I have just received a telegram from Mao Zedong in which he reports that the CC CPC [Central Committee of
the Communist Party of China] discussed the situation [in Korea] again and decided after all to render military
assistance to the Korean comrades, regardless of the insufficient armament of the Chinese troops. I am awaiting
detailed reports about this matter from Mao Zedong. In connection with this new decision of the Chinese
comrades, I ask you to postpone temporarily the implementation of the telegram sent to you yesterday about the
evacuation of North Korea and the retreat of the Korean troops to the north.

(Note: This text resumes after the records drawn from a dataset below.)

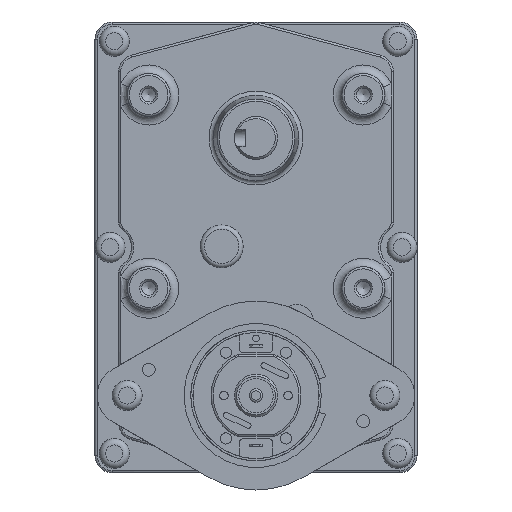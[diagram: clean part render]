
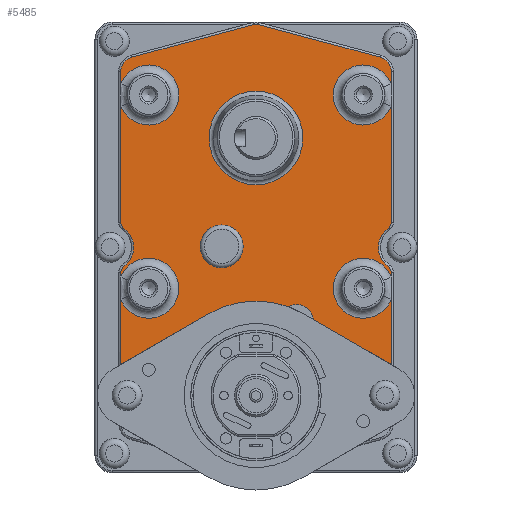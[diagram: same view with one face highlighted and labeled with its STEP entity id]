
A CAD part, front view. The second image highlights one B-rep face of the part: STEP entity #5485.
In plain terms, the highlighted planar face has unit normal (0, -1, 0).
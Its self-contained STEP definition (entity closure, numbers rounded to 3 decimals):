
#299=FACE_BOUND('',#859,.T.);
#300=FACE_BOUND('',#860,.T.);
#362=PLANE('',#5946);
#504=FACE_OUTER_BOUND('',#858,.T.);
#858=EDGE_LOOP('',(#3852,#3853,#3854,#3855,#3856,#3857,#3858,#3859,#3860,
#3861,#3862,#3863,#3864,#3865,#3866,#3867,#3868,#3869,#3870,#3871,#3872,
#3873,#3874,#3875,#3876,#3877,#3878));
#859=EDGE_LOOP('',(#3879));
#860=EDGE_LOOP('',(#3880));
#1270=LINE('',#8749,#1646);
#1271=LINE('',#8757,#1647);
#1272=LINE('',#8761,#1648);
#1273=LINE('',#8765,#1649);
#1274=LINE('',#8769,#1650);
#1275=LINE('',#8773,#1651);
#1276=LINE('',#8777,#1652);
#1277=LINE('',#8785,#1653);
#1278=LINE('',#8789,#1654);
#1279=LINE('',#8791,#1655);
#1280=LINE('',#8797,#1656);
#1281=LINE('',#8798,#1657);
#1646=VECTOR('',#6779,10.);
#1647=VECTOR('',#6786,10.);
#1648=VECTOR('',#6789,10.);
#1649=VECTOR('',#6792,10.);
#1650=VECTOR('',#6795,10.);
#1651=VECTOR('',#6798,10.);
#1652=VECTOR('',#6801,10.);
#1653=VECTOR('',#6808,10.);
#1654=VECTOR('',#6811,10.);
#1655=VECTOR('',#6812,10.);
#1656=VECTOR('',#6817,10.);
#1657=VECTOR('',#6818,10.);
#2021=CIRCLE('',#5942,10.909);
#2024=CIRCLE('',#5947,7.);
#2025=CIRCLE('',#5948,1.5);
#2026=CIRCLE('',#5949,5.5);
#2027=CIRCLE('',#5950,1.5);
#2028=CIRCLE('',#5951,7.);
#2029=CIRCLE('',#5952,3.5);
#2030=CIRCLE('',#5953,1.5);
#2031=CIRCLE('',#5954,3.5);
#2032=CIRCLE('',#5955,7.);
#2033=CIRCLE('',#5956,1.5);
#2034=CIRCLE('',#5957,5.5);
#2035=CIRCLE('',#5958,1.5);
#2036=CIRCLE('',#5959,7.);
#2037=CIRCLE('',#5960,22.);
#2038=CIRCLE('',#5961,4.);
#2039=CIRCLE('',#5962,5.);
#2453=VERTEX_POINT('',#8735);
#2456=VERTEX_POINT('',#8745);
#2457=VERTEX_POINT('',#8746);
#2458=VERTEX_POINT('',#8748);
#2459=VERTEX_POINT('',#8750);
#2460=VERTEX_POINT('',#8752);
#2461=VERTEX_POINT('',#8754);
#2462=VERTEX_POINT('',#8756);
#2463=VERTEX_POINT('',#8758);
#2464=VERTEX_POINT('',#8760);
#2465=VERTEX_POINT('',#8762);
#2466=VERTEX_POINT('',#8764);
#2467=VERTEX_POINT('',#8766);
#2468=VERTEX_POINT('',#8768);
#2469=VERTEX_POINT('',#8770);
#2470=VERTEX_POINT('',#8772);
#2471=VERTEX_POINT('',#8774);
#2472=VERTEX_POINT('',#8776);
#2473=VERTEX_POINT('',#8778);
#2474=VERTEX_POINT('',#8780);
#2475=VERTEX_POINT('',#8782);
#2476=VERTEX_POINT('',#8784);
#2477=VERTEX_POINT('',#8786);
#2478=VERTEX_POINT('',#8788);
#2479=VERTEX_POINT('',#8790);
#2480=VERTEX_POINT('',#8792);
#2481=VERTEX_POINT('',#8794);
#2482=VERTEX_POINT('',#8796);
#2483=VERTEX_POINT('',#8799);
#2995=EDGE_CURVE('',#2453,#2453,#2021,.T.);
#2999=EDGE_CURVE('',#2456,#2457,#2024,.T.);
#3000=EDGE_CURVE('',#2458,#2456,#1270,.T.);
#3001=EDGE_CURVE('',#2459,#2458,#2025,.T.);
#3002=EDGE_CURVE('',#2460,#2459,#2026,.T.);
#3003=EDGE_CURVE('',#2461,#2460,#2027,.T.);
#3004=EDGE_CURVE('',#2462,#2461,#1271,.T.);
#3005=EDGE_CURVE('',#2463,#2462,#2028,.T.);
#3006=EDGE_CURVE('',#2464,#2463,#1272,.T.);
#3007=EDGE_CURVE('',#2465,#2464,#2029,.T.);
#3008=EDGE_CURVE('',#2466,#2465,#1273,.T.);
#3009=EDGE_CURVE('',#2467,#2466,#2030,.T.);
#3010=EDGE_CURVE('',#2468,#2467,#1274,.T.);
#3011=EDGE_CURVE('',#2469,#2468,#2031,.T.);
#3012=EDGE_CURVE('',#2470,#2469,#1275,.T.);
#3013=EDGE_CURVE('',#2471,#2470,#2032,.T.);
#3014=EDGE_CURVE('',#2472,#2471,#1276,.T.);
#3015=EDGE_CURVE('',#2473,#2472,#2033,.T.);
#3016=EDGE_CURVE('',#2474,#2473,#2034,.T.);
#3017=EDGE_CURVE('',#2475,#2474,#2035,.T.);
#3018=EDGE_CURVE('',#2476,#2475,#1277,.T.);
#3019=EDGE_CURVE('',#2477,#2476,#2036,.T.);
#3020=EDGE_CURVE('',#2478,#2477,#1278,.T.);
#3021=EDGE_CURVE('',#2478,#2479,#1279,.T.);
#3022=EDGE_CURVE('',#2479,#2480,#2037,.T.);
#3023=EDGE_CURVE('',#2480,#2481,#2038,.T.);
#3024=EDGE_CURVE('',#2481,#2482,#1280,.T.);
#3025=EDGE_CURVE('',#2457,#2482,#1281,.T.);
#3026=EDGE_CURVE('',#2483,#2483,#2039,.T.);
#3852=ORIENTED_EDGE('',*,*,#2999,.F.);
#3853=ORIENTED_EDGE('',*,*,#3000,.F.);
#3854=ORIENTED_EDGE('',*,*,#3001,.F.);
#3855=ORIENTED_EDGE('',*,*,#3002,.F.);
#3856=ORIENTED_EDGE('',*,*,#3003,.F.);
#3857=ORIENTED_EDGE('',*,*,#3004,.F.);
#3858=ORIENTED_EDGE('',*,*,#3005,.F.);
#3859=ORIENTED_EDGE('',*,*,#3006,.F.);
#3860=ORIENTED_EDGE('',*,*,#3007,.F.);
#3861=ORIENTED_EDGE('',*,*,#3008,.F.);
#3862=ORIENTED_EDGE('',*,*,#3009,.F.);
#3863=ORIENTED_EDGE('',*,*,#3010,.F.);
#3864=ORIENTED_EDGE('',*,*,#3011,.F.);
#3865=ORIENTED_EDGE('',*,*,#3012,.F.);
#3866=ORIENTED_EDGE('',*,*,#3013,.F.);
#3867=ORIENTED_EDGE('',*,*,#3014,.F.);
#3868=ORIENTED_EDGE('',*,*,#3015,.F.);
#3869=ORIENTED_EDGE('',*,*,#3016,.F.);
#3870=ORIENTED_EDGE('',*,*,#3017,.F.);
#3871=ORIENTED_EDGE('',*,*,#3018,.F.);
#3872=ORIENTED_EDGE('',*,*,#3019,.F.);
#3873=ORIENTED_EDGE('',*,*,#3020,.F.);
#3874=ORIENTED_EDGE('',*,*,#3021,.T.);
#3875=ORIENTED_EDGE('',*,*,#3022,.T.);
#3876=ORIENTED_EDGE('',*,*,#3023,.T.);
#3877=ORIENTED_EDGE('',*,*,#3024,.T.);
#3878=ORIENTED_EDGE('',*,*,#3025,.F.);
#3879=ORIENTED_EDGE('',*,*,#3026,.T.);
#3880=ORIENTED_EDGE('',*,*,#2995,.F.);
#5485=ADVANCED_FACE('',(#504,#299,#300),#362,.F.);
#5942=AXIS2_PLACEMENT_3D('',#8737,#6766,#6767);
#5946=AXIS2_PLACEMENT_3D('',#8744,#6775,#6776);
#5947=AXIS2_PLACEMENT_3D('',#8747,#6777,#6778);
#5948=AXIS2_PLACEMENT_3D('',#8751,#6780,#6781);
#5949=AXIS2_PLACEMENT_3D('',#8753,#6782,#6783);
#5950=AXIS2_PLACEMENT_3D('',#8755,#6784,#6785);
#5951=AXIS2_PLACEMENT_3D('',#8759,#6787,#6788);
#5952=AXIS2_PLACEMENT_3D('',#8763,#6790,#6791);
#5953=AXIS2_PLACEMENT_3D('',#8767,#6793,#6794);
#5954=AXIS2_PLACEMENT_3D('',#8771,#6796,#6797);
#5955=AXIS2_PLACEMENT_3D('',#8775,#6799,#6800);
#5956=AXIS2_PLACEMENT_3D('',#8779,#6802,#6803);
#5957=AXIS2_PLACEMENT_3D('',#8781,#6804,#6805);
#5958=AXIS2_PLACEMENT_3D('',#8783,#6806,#6807);
#5959=AXIS2_PLACEMENT_3D('',#8787,#6809,#6810);
#5960=AXIS2_PLACEMENT_3D('',#8793,#6813,#6814);
#5961=AXIS2_PLACEMENT_3D('',#8795,#6815,#6816);
#5962=AXIS2_PLACEMENT_3D('',#8800,#6819,#6820);
#6766=DIRECTION('center_axis',(0.,-1.,0.));
#6767=DIRECTION('ref_axis',(1.,0.,0.));
#6775=DIRECTION('center_axis',(0.,1.,0.));
#6776=DIRECTION('ref_axis',(0.,0.,1.));
#6777=DIRECTION('center_axis',(0.,-1.,0.));
#6778=DIRECTION('ref_axis',(-1.,0.,0.));
#6779=DIRECTION('',(0.,0.,-1.));
#6780=DIRECTION('center_axis',(0.,1.,0.));
#6781=DIRECTION('ref_axis',(0.886,0.,0.463));
#6782=DIRECTION('center_axis',(0.,-1.,0.));
#6783=DIRECTION('ref_axis',(-1.,0.,0.));
#6784=DIRECTION('center_axis',(0.,1.,0.));
#6785=DIRECTION('ref_axis',(0.886,0.,-0.463));
#6786=DIRECTION('',(0.,0.,-1.));
#6787=DIRECTION('center_axis',(0.,-1.,0.));
#6788=DIRECTION('ref_axis',(-1.,0.,0.));
#6789=DIRECTION('',(0.,0.,-1.));
#6790=DIRECTION('center_axis',(0.,1.,0.));
#6791=DIRECTION('ref_axis',(0.793,0.,0.609));
#6792=DIRECTION('',(0.966,0.,-0.259));
#6793=DIRECTION('center_axis',(0.,1.,0.));
#6794=DIRECTION('ref_axis',(0.,0.,1.));
#6795=DIRECTION('',(0.966,0.,0.259));
#6796=DIRECTION('center_axis',(0.,1.,0.));
#6797=DIRECTION('ref_axis',(-0.793,0.,0.609));
#6798=DIRECTION('',(0.,0.,1.));
#6799=DIRECTION('center_axis',(0.,-1.,0.));
#6800=DIRECTION('ref_axis',(-1.,0.,0.));
#6801=DIRECTION('',(0.,0.,1.));
#6802=DIRECTION('center_axis',(0.,1.,0.));
#6803=DIRECTION('ref_axis',(-0.886,0.,-0.463));
#6804=DIRECTION('center_axis',(0.,-1.,0.));
#6805=DIRECTION('ref_axis',(1.,0.,0.));
#6806=DIRECTION('center_axis',(0.,1.,0.));
#6807=DIRECTION('ref_axis',(-0.886,0.,0.463));
#6808=DIRECTION('',(0.,0.,1.));
#6809=DIRECTION('center_axis',(0.,-1.,0.));
#6810=DIRECTION('ref_axis',(-1.,0.,0.));
#6811=DIRECTION('',(0.,0.,1.));
#6812=DIRECTION('',(0.866,0.,0.5));
#6813=DIRECTION('center_axis',(0.,1.,0.));
#6814=DIRECTION('ref_axis',(1.,0.,0.));
#6815=DIRECTION('center_axis',(0.,1.,0.));
#6816=DIRECTION('ref_axis',(-1.,0.,0.));
#6817=DIRECTION('',(0.866,0.,-0.5));
#6818=DIRECTION('',(0.,0.,-1.));
#6819=DIRECTION('center_axis',(0.,1.,0.));
#6820=DIRECTION('ref_axis',(-1.,0.,0.));
#8735=CARTESIAN_POINT('',(0.,-35.,-10.909));
#8737=CARTESIAN_POINT('Origin',(0.,-35.,0.));
#8744=CARTESIAN_POINT('Origin',(0.,-35.,-25.5));
#8745=CARTESIAN_POINT('',(31.5,-35.,-32.402));
#8746=CARTESIAN_POINT('',(31.5,-35.,-37.598));
#8747=CARTESIAN_POINT('Origin',(25.,-35.,-35.));
#8748=CARTESIAN_POINT('',(31.5,-35.,-31.245));
#8749=CARTESIAN_POINT('',(31.5,-35.,-45.963));
#8750=CARTESIAN_POINT('',(30.857,-35.,-30.014));
#8751=CARTESIAN_POINT('Origin',(30.,-35.,-31.245));
#8752=CARTESIAN_POINT('',(30.857,-35.,-20.986));
#8753=CARTESIAN_POINT('Origin',(34.,-35.,-25.5));
#8754=CARTESIAN_POINT('',(31.5,-35.,-19.755));
#8755=CARTESIAN_POINT('Origin',(30.,-35.,-19.755));
#8756=CARTESIAN_POINT('',(31.5,-35.,7.402));
#8757=CARTESIAN_POINT('',(31.5,-35.,-45.963));
#8758=CARTESIAN_POINT('',(31.5,-35.,12.598));
#8759=CARTESIAN_POINT('Origin',(25.,-35.,10.));
#8760=CARTESIAN_POINT('',(31.5,-35.,15.427));
#8761=CARTESIAN_POINT('',(31.5,-35.,-45.963));
#8762=CARTESIAN_POINT('',(28.906,-35.,18.808));
#8763=CARTESIAN_POINT('Origin',(28.,-35.,15.427));
#8764=CARTESIAN_POINT('',(0.388,-35.,26.449));
#8765=CARTESIAN_POINT('',(20.96,-35.,20.937));
#8766=CARTESIAN_POINT('',(-0.388,-35.,26.449));
#8767=CARTESIAN_POINT('Origin',(0.,-35.,25.));
#8768=CARTESIAN_POINT('',(-28.906,-35.,18.808));
#8769=CARTESIAN_POINT('',(-6.701,-35.,24.757));
#8770=CARTESIAN_POINT('',(-31.5,-35.,15.427));
#8771=CARTESIAN_POINT('Origin',(-28.,-35.,15.427));
#8772=CARTESIAN_POINT('',(-31.5,-35.,12.598));
#8773=CARTESIAN_POINT('',(-31.5,-35.,-5.037));
#8774=CARTESIAN_POINT('',(-31.5,-35.,7.402));
#8775=CARTESIAN_POINT('Origin',(-25.,-35.,10.));
#8776=CARTESIAN_POINT('',(-31.5,-35.,-19.755));
#8777=CARTESIAN_POINT('',(-31.5,-35.,-5.037));
#8778=CARTESIAN_POINT('',(-30.857,-35.,-20.986));
#8779=CARTESIAN_POINT('Origin',(-30.,-35.,-19.755));
#8780=CARTESIAN_POINT('',(-30.857,-35.,-30.014));
#8781=CARTESIAN_POINT('Origin',(-34.,-35.,-25.5));
#8782=CARTESIAN_POINT('',(-31.5,-35.,-31.245));
#8783=CARTESIAN_POINT('Origin',(-30.,-35.,-31.245));
#8784=CARTESIAN_POINT('',(-31.5,-35.,-32.402));
#8785=CARTESIAN_POINT('',(-31.5,-35.,-5.037));
#8786=CARTESIAN_POINT('',(-31.5,-35.,-37.598));
#8787=CARTESIAN_POINT('Origin',(-25.,-35.,-35.));
#8788=CARTESIAN_POINT('',(-31.5,-35.,-52.783));
#8789=CARTESIAN_POINT('',(-31.5,-35.,-5.037));
#8790=CARTESIAN_POINT('',(-11.,-35.,-40.947));
#8791=CARTESIAN_POINT('',(-3.531,-35.,-36.635));
#8792=CARTESIAN_POINT('',(7.452,-35.,-39.301));
#8793=CARTESIAN_POINT('Origin',(0.,-35.,-60.));
#8794=CARTESIAN_POINT('',(13.372,-35.,-42.317));
#8795=CARTESIAN_POINT('Origin',(9.401,-35.,-42.794));
#8796=CARTESIAN_POINT('',(31.5,-35.,-52.783));
#8797=CARTESIAN_POINT('',(14.781,-35.,-43.13));
#8798=CARTESIAN_POINT('',(31.5,-35.,-45.963));
#8799=CARTESIAN_POINT('',(-3.,-35.,-25.264));
#8800=CARTESIAN_POINT('Origin',(-8.,-35.,-25.264));
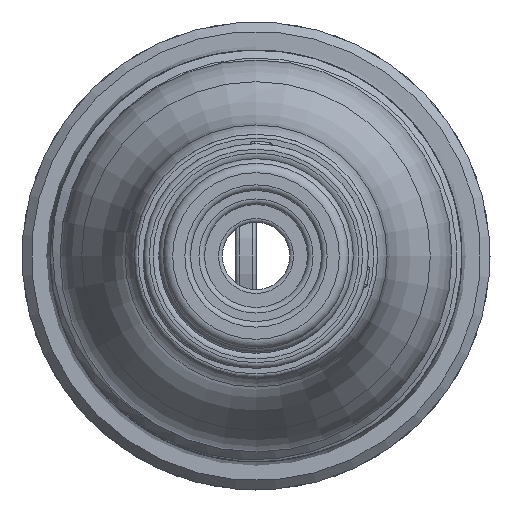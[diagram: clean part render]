
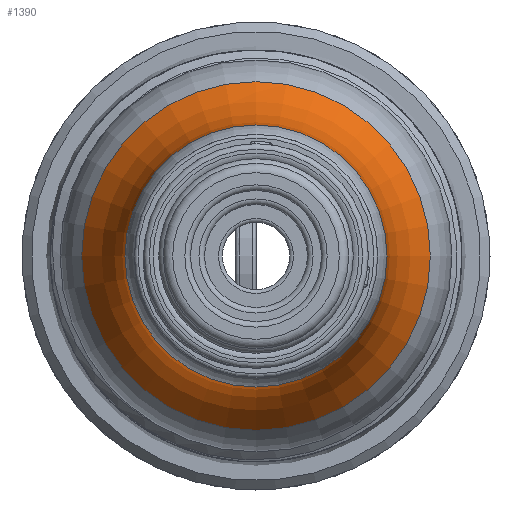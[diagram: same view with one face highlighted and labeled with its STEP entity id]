
A CAD part, left-side view. The second image highlights one B-rep face of the part: STEP entity #1390.
In plain terms, the highlighted toroidal (fillet/blend) face has major radius 17 mm and minor radius 10 mm.
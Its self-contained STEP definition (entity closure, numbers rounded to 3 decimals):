
#1390 = ADVANCED_FACE( '', ( #2982, #2983 ), #2984, .F. );
#2982 = FACE_OUTER_BOUND( '', #5008, .T. );
#2983 = FACE_OUTER_BOUND( '', #5009, .T. );
#2984 = TOROIDAL_SURFACE( '', #5010, 17., 10. );
#5008 = EDGE_LOOP( '', ( #8870 ) );
#5009 = EDGE_LOOP( '', ( #8871 ) );
#5010 = AXIS2_PLACEMENT_3D( '', #8872, #8873, #8874 );
#8870 = ORIENTED_EDGE( '', *, *, #10229, .T. );
#8871 = ORIENTED_EDGE( '', *, *, #11010, .F. );
#8872 = CARTESIAN_POINT( '', ( -15.5, 0., 0. ) );
#8873 = DIRECTION( '', ( -1., 0., 0. ) );
#8874 = DIRECTION( '', ( 0., 0., 1. ) );
#10229 = EDGE_CURVE( '', #12146, #12146, #12147, .T. );
#11010 = EDGE_CURVE( '', #13212, #13212, #13213, .T. );
#12146 = VERTEX_POINT( '', #15562 );
#12147 = CIRCLE( '', #15563, 9.313 );
#13212 = VERTEX_POINT( '', #17608 );
#13213 = CIRCLE( '', #17609, 7. );
#15562 = CARTESIAN_POINT( '', ( -9.104, 0., 9.313 ) );
#15563 = AXIS2_PLACEMENT_3D( '', #18729, #18730, #18731 );
#17608 = CARTESIAN_POINT( '', ( -15.5, 0., 7. ) );
#17609 = AXIS2_PLACEMENT_3D( '', #19644, #19645, #19646 );
#18729 = CARTESIAN_POINT( '', ( -9.104, 0., 0. ) );
#18730 = DIRECTION( '', ( -1., 0., 0. ) );
#18731 = DIRECTION( '', ( 0., 0., 1. ) );
#19644 = CARTESIAN_POINT( '', ( -15.5, 0., 0. ) );
#19645 = DIRECTION( '', ( -1., 0., 0. ) );
#19646 = DIRECTION( '', ( 0., 0., 1. ) );

4. General MacArthur's resignation. - after he was dismissed as commander-in-chief of US forces in Korea

he returned to USA and was asked to justify his actions to the Congress on 11.04.1951.
In the simplest terms what we are doing in Korea is this: we are trying to prevent a third world w a r . . . It is
right for us to be in Korea. It was right last June. It is right today. I want to remind you why this is true. The
communists in the Kremlin are engaged in a monstrous conspiracy to stamp out freedom all over the world. If
they were to succeed the United States would be numbered among their principal victims. It must be clear to
everyone that the United States cannot—and will not—sit idly by and await foreign conquest. The only question
is: when is the best time to meet the threat and how? The best time to meet the threat is in the beginning. It is
easier to put out a fire in the beginning when it is small than after it has become a roaring blaze.